Статьи из газеты «Вечерний клуб» - Дмитрий Быков
- Категория: Документальные книги / Публицистика
- Название: Статьи из газеты «Вечерний клуб»
- Автор: Дмитрий Быков
Шрифт:
Интервал:
Закладка:
Дмитрий Быков
Статьи из газеты «Вечерний клуб»
Эдуард Лимонов: «В жизни народа много скуки и подавленного зверства»
— Эдуард Вениаминович, в последнее время с самых высоких трибун говорят о семейных, моральных и иных ценностях. Должно ли государство вообще заботиться о морали?

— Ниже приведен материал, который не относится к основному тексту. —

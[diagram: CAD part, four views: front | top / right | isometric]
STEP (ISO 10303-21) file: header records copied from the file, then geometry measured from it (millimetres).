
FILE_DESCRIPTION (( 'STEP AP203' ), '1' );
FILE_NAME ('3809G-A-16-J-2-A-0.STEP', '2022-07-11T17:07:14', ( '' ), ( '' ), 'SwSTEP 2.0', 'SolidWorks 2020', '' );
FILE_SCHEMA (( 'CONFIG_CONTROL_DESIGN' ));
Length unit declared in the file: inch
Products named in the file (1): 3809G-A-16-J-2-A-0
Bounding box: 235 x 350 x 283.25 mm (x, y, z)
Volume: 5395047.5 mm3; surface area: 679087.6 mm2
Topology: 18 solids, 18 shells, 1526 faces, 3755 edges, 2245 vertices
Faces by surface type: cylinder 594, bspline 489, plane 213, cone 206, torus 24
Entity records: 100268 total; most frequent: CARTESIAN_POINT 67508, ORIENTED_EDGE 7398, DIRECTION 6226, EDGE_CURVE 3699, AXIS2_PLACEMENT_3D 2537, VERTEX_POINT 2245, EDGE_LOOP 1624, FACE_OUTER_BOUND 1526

— Любое государство по своей природе аморальнее всякого серийного убийцы. Но власть в России выглядит особенно цинично, когда начинает регламентировать мораль своих граждан: достаточно зайти в любую российскую тюрьму. Наши тюрьмы страшнее турецких, всегда служивших эталоном дикости. Я не говорю о кошмарах русской бюрократии. Российская государственность больше, чем любая другая, топчет частного человека. Это все компенсация собственных тайных комплексов. Мораль и разговоры о ней вообще чрезвычайно удобны для имитации государственной политики.
— Спросим иначе: государственная идеология должна существовать или нет?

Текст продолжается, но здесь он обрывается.